What this task involves:
Would you reproduce exactly the lines below from the one holding "#11224 = AXIS2_PLACEMENT_3D" through the one holding "#13365 = AXIS2_PLACEMENT_3D", inclusive, and no others?

(Source information begins)

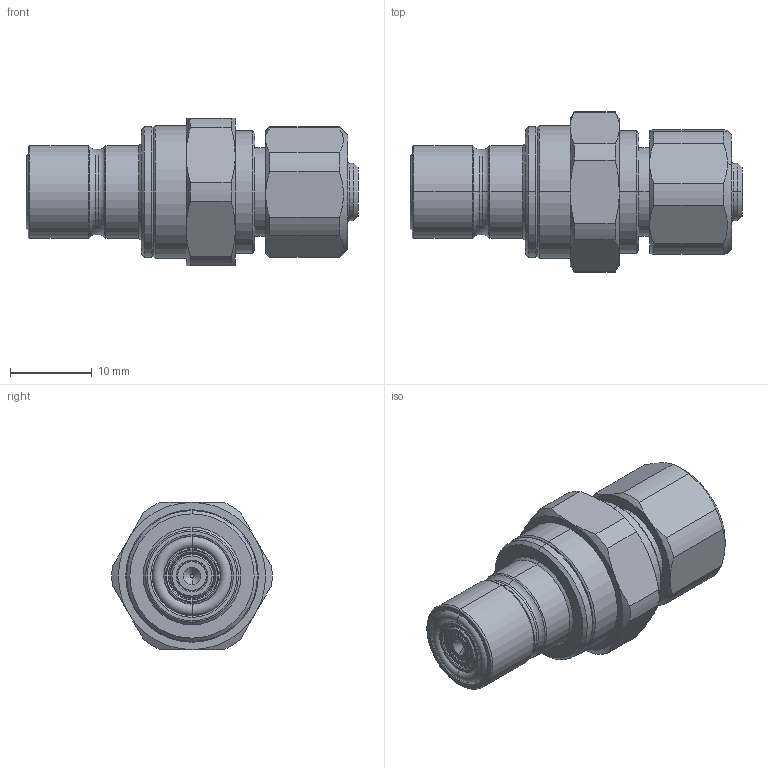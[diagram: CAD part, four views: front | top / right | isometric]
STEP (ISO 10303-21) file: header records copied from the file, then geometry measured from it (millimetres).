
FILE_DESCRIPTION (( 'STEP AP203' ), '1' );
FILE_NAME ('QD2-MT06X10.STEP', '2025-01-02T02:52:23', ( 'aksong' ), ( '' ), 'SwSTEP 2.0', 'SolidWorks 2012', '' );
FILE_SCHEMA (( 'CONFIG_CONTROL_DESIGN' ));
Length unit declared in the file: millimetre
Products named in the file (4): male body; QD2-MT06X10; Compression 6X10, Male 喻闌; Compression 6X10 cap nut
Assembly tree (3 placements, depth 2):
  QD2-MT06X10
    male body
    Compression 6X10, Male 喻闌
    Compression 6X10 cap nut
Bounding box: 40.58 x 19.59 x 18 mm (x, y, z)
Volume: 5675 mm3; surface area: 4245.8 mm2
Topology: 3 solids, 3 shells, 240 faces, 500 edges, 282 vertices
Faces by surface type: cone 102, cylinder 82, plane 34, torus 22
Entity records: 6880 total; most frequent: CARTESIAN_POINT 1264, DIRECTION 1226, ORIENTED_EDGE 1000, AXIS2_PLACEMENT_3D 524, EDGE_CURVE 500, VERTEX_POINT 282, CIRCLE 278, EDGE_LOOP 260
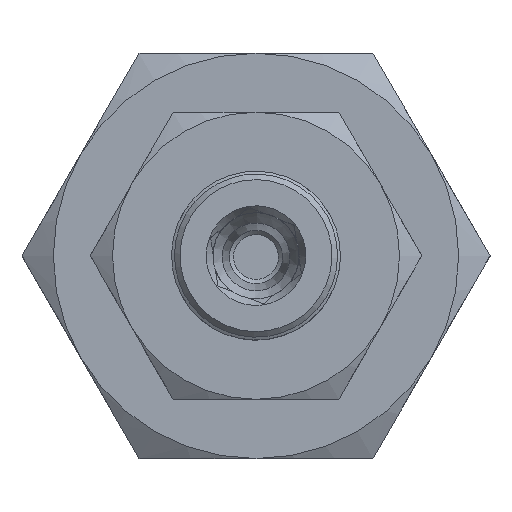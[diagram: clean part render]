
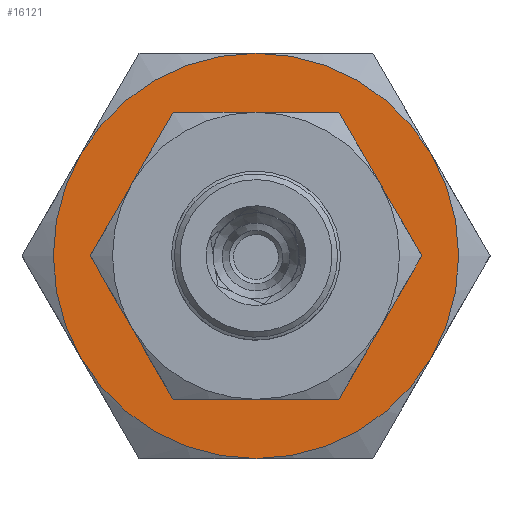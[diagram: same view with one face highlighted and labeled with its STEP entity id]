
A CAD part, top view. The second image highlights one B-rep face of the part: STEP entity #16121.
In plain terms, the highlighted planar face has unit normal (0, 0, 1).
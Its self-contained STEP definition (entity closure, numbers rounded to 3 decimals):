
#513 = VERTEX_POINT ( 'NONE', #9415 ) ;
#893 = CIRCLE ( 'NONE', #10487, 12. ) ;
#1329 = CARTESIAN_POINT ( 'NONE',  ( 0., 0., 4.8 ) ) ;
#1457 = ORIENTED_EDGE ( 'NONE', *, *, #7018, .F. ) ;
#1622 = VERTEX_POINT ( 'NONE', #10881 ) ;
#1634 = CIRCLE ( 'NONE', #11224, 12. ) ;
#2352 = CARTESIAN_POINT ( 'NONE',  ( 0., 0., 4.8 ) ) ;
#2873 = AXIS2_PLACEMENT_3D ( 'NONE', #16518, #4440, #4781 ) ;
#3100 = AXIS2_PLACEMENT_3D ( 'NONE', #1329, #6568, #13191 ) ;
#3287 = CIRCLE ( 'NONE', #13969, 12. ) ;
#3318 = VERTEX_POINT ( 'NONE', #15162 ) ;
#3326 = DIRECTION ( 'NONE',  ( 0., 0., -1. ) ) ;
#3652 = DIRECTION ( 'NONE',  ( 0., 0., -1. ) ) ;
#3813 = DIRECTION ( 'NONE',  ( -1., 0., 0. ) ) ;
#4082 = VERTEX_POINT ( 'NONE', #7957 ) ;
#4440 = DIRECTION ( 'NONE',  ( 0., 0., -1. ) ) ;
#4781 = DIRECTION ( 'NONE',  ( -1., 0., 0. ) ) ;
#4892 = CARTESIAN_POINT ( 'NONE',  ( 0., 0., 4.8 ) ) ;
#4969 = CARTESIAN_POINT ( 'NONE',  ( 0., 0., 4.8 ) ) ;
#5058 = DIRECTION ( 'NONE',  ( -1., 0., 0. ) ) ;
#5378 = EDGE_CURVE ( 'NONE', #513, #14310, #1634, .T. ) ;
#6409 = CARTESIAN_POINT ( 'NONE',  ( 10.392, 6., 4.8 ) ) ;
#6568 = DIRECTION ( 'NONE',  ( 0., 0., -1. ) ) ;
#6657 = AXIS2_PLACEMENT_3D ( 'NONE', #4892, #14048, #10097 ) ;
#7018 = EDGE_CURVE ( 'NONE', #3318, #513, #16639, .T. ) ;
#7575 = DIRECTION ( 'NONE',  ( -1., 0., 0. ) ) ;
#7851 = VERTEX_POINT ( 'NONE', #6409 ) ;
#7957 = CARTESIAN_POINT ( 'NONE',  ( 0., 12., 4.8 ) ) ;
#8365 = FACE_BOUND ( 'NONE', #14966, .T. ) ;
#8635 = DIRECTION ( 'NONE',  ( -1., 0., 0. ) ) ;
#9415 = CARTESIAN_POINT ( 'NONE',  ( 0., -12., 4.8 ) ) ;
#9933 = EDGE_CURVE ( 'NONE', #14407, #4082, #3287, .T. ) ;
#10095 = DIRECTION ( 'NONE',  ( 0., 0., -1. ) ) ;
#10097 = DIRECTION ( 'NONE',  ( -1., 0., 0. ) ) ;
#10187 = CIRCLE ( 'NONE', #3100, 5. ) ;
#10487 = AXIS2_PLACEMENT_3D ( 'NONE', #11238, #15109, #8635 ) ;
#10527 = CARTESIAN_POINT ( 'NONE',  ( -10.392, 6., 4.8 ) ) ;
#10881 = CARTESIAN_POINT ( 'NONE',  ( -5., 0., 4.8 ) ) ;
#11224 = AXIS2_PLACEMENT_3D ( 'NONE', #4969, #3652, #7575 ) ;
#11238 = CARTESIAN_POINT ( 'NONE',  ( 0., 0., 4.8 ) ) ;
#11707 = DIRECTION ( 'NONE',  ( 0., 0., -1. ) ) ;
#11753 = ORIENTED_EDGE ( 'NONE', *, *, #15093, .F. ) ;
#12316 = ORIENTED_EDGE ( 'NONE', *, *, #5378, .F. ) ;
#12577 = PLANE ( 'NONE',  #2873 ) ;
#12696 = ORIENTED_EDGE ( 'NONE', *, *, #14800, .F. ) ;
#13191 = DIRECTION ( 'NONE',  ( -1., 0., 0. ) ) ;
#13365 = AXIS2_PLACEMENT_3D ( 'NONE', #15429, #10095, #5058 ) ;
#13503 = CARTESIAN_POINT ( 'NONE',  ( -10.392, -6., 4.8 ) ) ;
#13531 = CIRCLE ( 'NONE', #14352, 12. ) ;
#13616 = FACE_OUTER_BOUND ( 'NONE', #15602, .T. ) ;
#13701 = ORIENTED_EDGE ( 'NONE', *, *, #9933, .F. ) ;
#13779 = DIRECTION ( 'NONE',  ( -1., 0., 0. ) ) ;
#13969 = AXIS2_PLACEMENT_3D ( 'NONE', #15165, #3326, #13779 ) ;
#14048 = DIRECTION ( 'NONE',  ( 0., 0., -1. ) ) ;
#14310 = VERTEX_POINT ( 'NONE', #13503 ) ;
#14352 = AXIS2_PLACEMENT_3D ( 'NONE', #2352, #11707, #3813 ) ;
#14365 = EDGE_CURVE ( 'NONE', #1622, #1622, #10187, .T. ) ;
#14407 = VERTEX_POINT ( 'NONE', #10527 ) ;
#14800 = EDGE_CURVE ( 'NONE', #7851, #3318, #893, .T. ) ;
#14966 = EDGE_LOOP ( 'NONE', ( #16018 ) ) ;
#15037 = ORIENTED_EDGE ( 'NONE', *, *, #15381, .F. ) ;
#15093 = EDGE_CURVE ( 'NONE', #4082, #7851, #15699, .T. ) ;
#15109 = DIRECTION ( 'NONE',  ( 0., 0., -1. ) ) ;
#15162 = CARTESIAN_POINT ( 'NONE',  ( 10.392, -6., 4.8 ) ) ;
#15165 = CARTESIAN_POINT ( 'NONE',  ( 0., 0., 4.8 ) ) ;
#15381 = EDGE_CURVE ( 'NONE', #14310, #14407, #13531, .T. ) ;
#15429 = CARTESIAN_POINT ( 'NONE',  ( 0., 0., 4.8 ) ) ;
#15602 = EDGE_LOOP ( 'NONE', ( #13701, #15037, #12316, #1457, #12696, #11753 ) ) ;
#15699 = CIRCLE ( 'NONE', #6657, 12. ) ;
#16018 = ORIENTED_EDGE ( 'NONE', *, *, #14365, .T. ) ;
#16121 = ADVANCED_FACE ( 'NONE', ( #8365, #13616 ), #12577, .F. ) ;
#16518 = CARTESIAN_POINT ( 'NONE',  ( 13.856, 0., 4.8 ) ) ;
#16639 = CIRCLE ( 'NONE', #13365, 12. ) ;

(Source information ends)

Response to this exercise:
#11224 = AXIS2_PLACEMENT_3D ( 'NONE', #4969, #3652, #7575 ) ;
#11238 = CARTESIAN_POINT ( 'NONE',  ( 0., 0., 4.8 ) ) ;
#11707 = DIRECTION ( 'NONE',  ( 0., 0., -1. ) ) ;
#11753 = ORIENTED_EDGE ( 'NONE', *, *, #15093, .F. ) ;
#12316 = ORIENTED_EDGE ( 'NONE', *, *, #5378, .F. ) ;
#12577 = PLANE ( 'NONE',  #2873 ) ;
#12696 = ORIENTED_EDGE ( 'NONE', *, *, #14800, .F. ) ;
#13191 = DIRECTION ( 'NONE',  ( -1., 0., 0. ) ) ;
#13365 = AXIS2_PLACEMENT_3D ( 'NONE', #15429, #10095, #5058 ) ;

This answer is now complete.